Global cyberattack provides a stark reminder of potential vulnerabilities, need for secure systems
FirstNet officials repeatedly have stated that they believe FirstNet has a big advantage in this area, because its nationwide network will be built with security as a priority from the outset, not just as an afterthought that is considered when the system is completed. Hopefully, this perceived advantage can be realized, because security on this much-anticipated system is paramount.
A key component will be to establish clear security expectations for the public-safety entities that subscribe to FirstNet.

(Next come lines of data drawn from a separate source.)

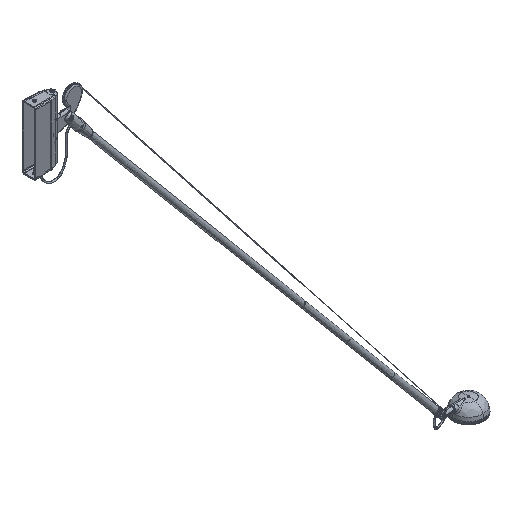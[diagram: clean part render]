
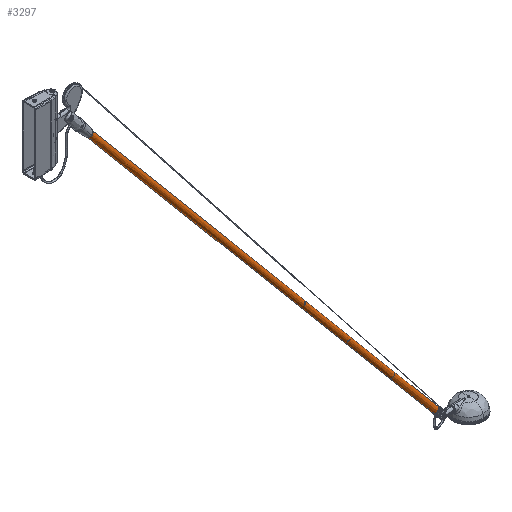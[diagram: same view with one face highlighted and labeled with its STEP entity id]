
A CAD part, isometric view. The second image highlights one B-rep face of the part: STEP entity #3297.
In plain terms, the highlighted free-form (B-spline) face has degree [2, 1] with [9, 2] control points.
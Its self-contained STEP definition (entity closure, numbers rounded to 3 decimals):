
#3297=ADVANCED_FACE('',(#6553),#47774,.T.);
#6553=FACE_OUTER_BOUND('',#10369,.T.);
#10369=EDGE_LOOP('',(#22182,#22183,#22184,#22185,#22186,#22187,#22188,#22189,
#22190,#22191,#22192,#22193));
#22182=ORIENTED_EDGE('',*,*,#31248,.F.);
#22183=ORIENTED_EDGE('',*,*,#31263,.T.);
#22184=ORIENTED_EDGE('',*,*,#31264,.T.);
#22185=ORIENTED_EDGE('',*,*,#31265,.T.);
#22186=ORIENTED_EDGE('',*,*,#31266,.T.);
#22187=ORIENTED_EDGE('',*,*,#31267,.T.);
#22188=ORIENTED_EDGE('',*,*,#31254,.F.);
#22189=ORIENTED_EDGE('',*,*,#31268,.T.);
#22190=ORIENTED_EDGE('',*,*,#31269,.T.);
#22191=ORIENTED_EDGE('',*,*,#31270,.T.);
#22192=ORIENTED_EDGE('',*,*,#31271,.T.);
#22193=ORIENTED_EDGE('',*,*,#31272,.T.);
#31248=EDGE_CURVE('',#43886,#43887,#39080,.T.);
#31254=EDGE_CURVE('',#43892,#43893,#39083,.T.);
#31263=EDGE_CURVE('',#43886,#43901,#36267,.T.);
#31264=EDGE_CURVE('',#43901,#43902,#39090,.T.);
#31265=EDGE_CURVE('',#43902,#43903,#36268,.T.);
#31266=EDGE_CURVE('',#43903,#43904,#39091,.T.);
#31267=EDGE_CURVE('',#43904,#43893,#36269,.T.);
#31268=EDGE_CURVE('',#43892,#43898,#36270,.T.);
#31269=EDGE_CURVE('',#43898,#43905,#39092,.T.);
#31270=EDGE_CURVE('',#43905,#43906,#36271,.T.);
#31271=EDGE_CURVE('',#43906,#43899,#39093,.T.);
#31272=EDGE_CURVE('',#43899,#43887,#36272,.T.);
#36267=(
BOUNDED_CURVE()
B_SPLINE_CURVE(2,(#117143,#117144,#117145),.UNSPECIFIED.,.F.,.F.)
B_SPLINE_CURVE_WITH_KNOTS((3,3),(0.,11.564),.UNSPECIFIED.)
CURVE()
GEOMETRIC_REPRESENTATION_ITEM()
RATIONAL_B_SPLINE_CURVE((1.,0.75,1.))
REPRESENTATION_ITEM('')
);
#36268=(
BOUNDED_CURVE()
B_SPLINE_CURVE(2,(#117148,#117149,#117150),.UNSPECIFIED.,.F.,.F.)
B_SPLINE_CURVE_WITH_KNOTS((3,3),(0.,2.005),.UNSPECIFIED.)
CURVE()
GEOMETRIC_REPRESENTATION_ITEM()
RATIONAL_B_SPLINE_CURVE((1.,0.992,1.))
REPRESENTATION_ITEM('')
);
#36269=(
BOUNDED_CURVE()
B_SPLINE_CURVE(2,(#117153,#117154,#117155),.UNSPECIFIED.,.F.,.F.)
B_SPLINE_CURVE_WITH_KNOTS((3,3),(0.,11.564),.UNSPECIFIED.)
CURVE()
GEOMETRIC_REPRESENTATION_ITEM()
RATIONAL_B_SPLINE_CURVE((1.,0.75,1.))
REPRESENTATION_ITEM('')
);
#36270=(
BOUNDED_CURVE()
B_SPLINE_CURVE(2,(#117156,#117157,#117158),.UNSPECIFIED.,.F.,.F.)
B_SPLINE_CURVE_WITH_KNOTS((3,3),(0.,10.545),.UNSPECIFIED.)
CURVE()
GEOMETRIC_REPRESENTATION_ITEM()
RATIONAL_B_SPLINE_CURVE((1.,0.791,1.))
REPRESENTATION_ITEM('')
);
#36271=(
BOUNDED_CURVE()
B_SPLINE_CURVE(2,(#117161,#117162,#117163),.UNSPECIFIED.,.F.,.F.)
B_SPLINE_CURVE_WITH_KNOTS((3,3),(0.,4.043),.UNSPECIFIED.)
CURVE()
GEOMETRIC_REPRESENTATION_ITEM()
RATIONAL_B_SPLINE_CURVE((1.,0.968,1.))
REPRESENTATION_ITEM('')
);
#36272=(
BOUNDED_CURVE()
B_SPLINE_CURVE(2,(#117166,#117167,#117168),.UNSPECIFIED.,.F.,.F.)
B_SPLINE_CURVE_WITH_KNOTS((3,3),(0.,10.545),.UNSPECIFIED.)
CURVE()
GEOMETRIC_REPRESENTATION_ITEM()
RATIONAL_B_SPLINE_CURVE((1.,0.791,1.))
REPRESENTATION_ITEM('')
);
#39080=B_SPLINE_CURVE_WITH_KNOTS('',1,(#117108,#117109),.UNSPECIFIED.,.F.,
 .F.,(2,2),(0.,1495.),.UNSPECIFIED.);
#39083=B_SPLINE_CURVE_WITH_KNOTS('',1,(#117123,#117124),.UNSPECIFIED.,.F.,
 .F.,(2,2),(0.,1495.),.UNSPECIFIED.);
#39090=B_SPLINE_CURVE_WITH_KNOTS('',1,(#117146,#117147),.UNSPECIFIED.,.F.,
 .F.,(2,2),(0.,1.5),.UNSPECIFIED.);
#39091=B_SPLINE_CURVE_WITH_KNOTS('',1,(#117151,#117152),.UNSPECIFIED.,.F.,
 .F.,(2,2),(0.,1.5),.UNSPECIFIED.);
#39092=B_SPLINE_CURVE_WITH_KNOTS('',1,(#117159,#117160),.UNSPECIFIED.,.F.,
 .F.,(2,2),(0.,7.),.UNSPECIFIED.);
#39093=B_SPLINE_CURVE_WITH_KNOTS('',1,(#117164,#117165),.UNSPECIFIED.,.F.,
 .F.,(2,2),(0.,7.),.UNSPECIFIED.);
#43886=VERTEX_POINT('',#117048);
#43887=VERTEX_POINT('',#117049);
#43892=VERTEX_POINT('',#117054);
#43893=VERTEX_POINT('',#117055);
#43898=VERTEX_POINT('',#117060);
#43899=VERTEX_POINT('',#117061);
#43901=VERTEX_POINT('',#117063);
#43902=VERTEX_POINT('',#117064);
#43903=VERTEX_POINT('',#117065);
#43904=VERTEX_POINT('',#117066);
#43905=VERTEX_POINT('',#117067);
#43906=VERTEX_POINT('',#117068);
#47774=(
BOUNDED_SURFACE()
B_SPLINE_SURFACE(2,1,((#116985,#116986),(#116987,#116988),(#116989,#116990),
(#116991,#116992),(#116993,#116994),(#116995,#116996),(#116997,#116998),
(#116999,#117000),(#117001,#117002)),.UNSPECIFIED.,.T.,.F.,.F.)
B_SPLINE_SURFACE_WITH_KNOTS((3,2,2,2,3),(2,2),(0.,1.571,3.142,
4.712,6.283),(0.,1794.),.UNSPECIFIED.)
GEOMETRIC_REPRESENTATION_ITEM()
RATIONAL_B_SPLINE_SURFACE(((1.,1.),(0.707,0.707),
(1.,1.),(0.707,0.707),(1.,1.),(0.707,
0.707),(1.,1.),(0.707,0.707),(1.,1.)))
REPRESENTATION_ITEM('')
SURFACE()
);
#116985=CARTESIAN_POINT('',(1185.766,-94.44,-717.841));
#116986=CARTESIAN_POINT('',(32.605,-94.44,656.442));
#116987=CARTESIAN_POINT('',(1179.637,-94.44,-722.984));
#116988=CARTESIAN_POINT('',(26.476,-94.44,651.3));
#116989=CARTESIAN_POINT('',(1179.637,-102.44,-722.984));
#116990=CARTESIAN_POINT('',(26.476,-102.44,651.3));
#116991=CARTESIAN_POINT('',(1179.637,-110.44,-722.984));
#116992=CARTESIAN_POINT('',(26.476,-110.44,651.3));
#116993=CARTESIAN_POINT('',(1185.766,-110.44,-717.841));
#116994=CARTESIAN_POINT('',(32.605,-110.44,656.442));
#116995=CARTESIAN_POINT('',(1191.894,-110.44,-712.699));
#116996=CARTESIAN_POINT('',(38.733,-110.44,661.585));
#116997=CARTESIAN_POINT('',(1191.894,-102.44,-712.699));
#116998=CARTESIAN_POINT('',(38.733,-102.44,661.585));
#116999=CARTESIAN_POINT('',(1191.894,-94.44,-712.699));
#117000=CARTESIAN_POINT('',(38.733,-94.44,661.585));
#117001=CARTESIAN_POINT('',(1185.766,-94.44,-717.841));
#117002=CARTESIAN_POINT('',(32.605,-94.44,656.442));
#117048=CARTESIAN_POINT('',(1083.541,-102.44,-608.46));
#117049=CARTESIAN_POINT('',(122.573,-102.44,536.776));
#117054=CARTESIAN_POINT('',(134.83,-102.44,547.061));
#117055=CARTESIAN_POINT('',(1095.797,-102.44,-598.175));
#117060=CARTESIAN_POINT('',(130.233,-110.186,543.204));
#117061=CARTESIAN_POINT('',(127.169,-110.186,540.633));
#117063=CARTESIAN_POINT('',(1088.903,-110.377,-603.961));
#117064=CARTESIAN_POINT('',(1087.939,-110.377,-602.811));
#117065=CARTESIAN_POINT('',(1089.471,-110.377,-601.526));
#117066=CARTESIAN_POINT('',(1090.435,-110.377,-602.675));
#117067=CARTESIAN_POINT('',(134.733,-110.186,537.842));
#117068=CARTESIAN_POINT('',(131.669,-110.186,535.271));
#117108=CARTESIAN_POINT('',(1083.541,-102.44,-608.46));
#117109=CARTESIAN_POINT('',(122.573,-102.44,536.776));
#117123=CARTESIAN_POINT('',(134.83,-102.44,547.061));
#117124=CARTESIAN_POINT('',(1095.797,-102.44,-598.175));
#117143=CARTESIAN_POINT('',(1083.541,-102.44,-608.46));
#117144=CARTESIAN_POINT('',(1083.541,-109.496,-608.46));
#117145=CARTESIAN_POINT('',(1088.903,-110.377,-603.961));
#117146=CARTESIAN_POINT('',(1088.903,-110.377,-603.961));
#117147=CARTESIAN_POINT('',(1087.939,-110.377,-602.811));
#117148=CARTESIAN_POINT('',(1087.939,-110.377,-602.811));
#117149=CARTESIAN_POINT('',(1088.705,-110.503,-602.169));
#117150=CARTESIAN_POINT('',(1089.471,-110.377,-601.526));
#117151=CARTESIAN_POINT('',(1089.471,-110.377,-601.526));
#117152=CARTESIAN_POINT('',(1090.435,-110.377,-602.675));
#117153=CARTESIAN_POINT('',(1090.435,-110.377,-602.675));
#117154=CARTESIAN_POINT('',(1095.797,-109.496,-598.175));
#117155=CARTESIAN_POINT('',(1095.797,-102.44,-598.175));
#117156=CARTESIAN_POINT('',(134.83,-102.44,547.061));
#117157=CARTESIAN_POINT('',(134.83,-108.637,547.061));
#117158=CARTESIAN_POINT('',(130.233,-110.186,543.204));
#117159=CARTESIAN_POINT('',(130.233,-110.186,543.204));
#117160=CARTESIAN_POINT('',(134.733,-110.186,537.842));
#117161=CARTESIAN_POINT('',(134.733,-110.186,537.842));
#117162=CARTESIAN_POINT('',(133.201,-110.703,536.556));
#117163=CARTESIAN_POINT('',(131.669,-110.186,535.271));
#117164=CARTESIAN_POINT('',(131.669,-110.186,535.271));
#117165=CARTESIAN_POINT('',(127.169,-110.186,540.633));
#117166=CARTESIAN_POINT('',(127.169,-110.186,540.633));
#117167=CARTESIAN_POINT('',(122.573,-108.637,536.776));
#117168=CARTESIAN_POINT('',(122.573,-102.44,536.776));

Let’s consider a very basic scenario: the transport of a file from Point A (say, a 911 or fusion center) to Point B (a public-safety officer at headquarters or in the field). Now, assume that the file at Point A contains important evidence—a picture of the key suspect—but originated from a device that has been infected, probably without the knowledge of the user.
Does a “secure” FirstNet system mean the network will:
- Transport the file from Point A to Point B without being impacted while in transit—in other words, if the file is infected with a virus or malware at a Point A, it becomes a problem for Point B?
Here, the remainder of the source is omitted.